**Work required**. Exclude images, then output the remaining data verbatim.

************

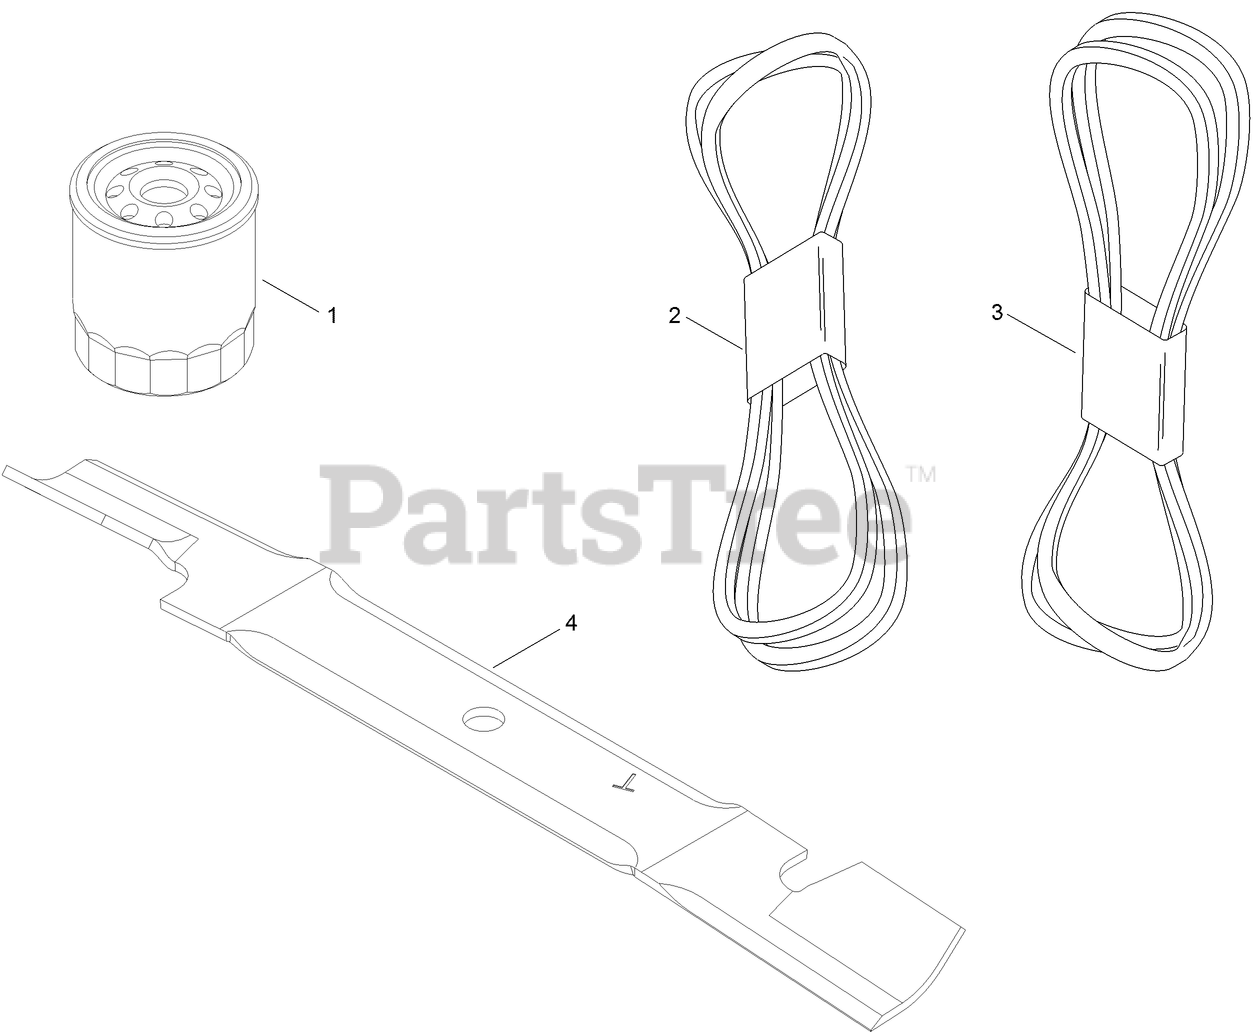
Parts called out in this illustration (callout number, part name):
1	ELEMENT-OIL FILTER, HYD
2	V-BELT
3	V-BELT
4	BLADE-HI FLO

************

**Solved problem**.
Parts called out in this illustration (callout number, part name):
1	ELEMENT-OIL FILTER, HYD
2	V-BELT
3	V-BELT
4	BLADE-HI FLO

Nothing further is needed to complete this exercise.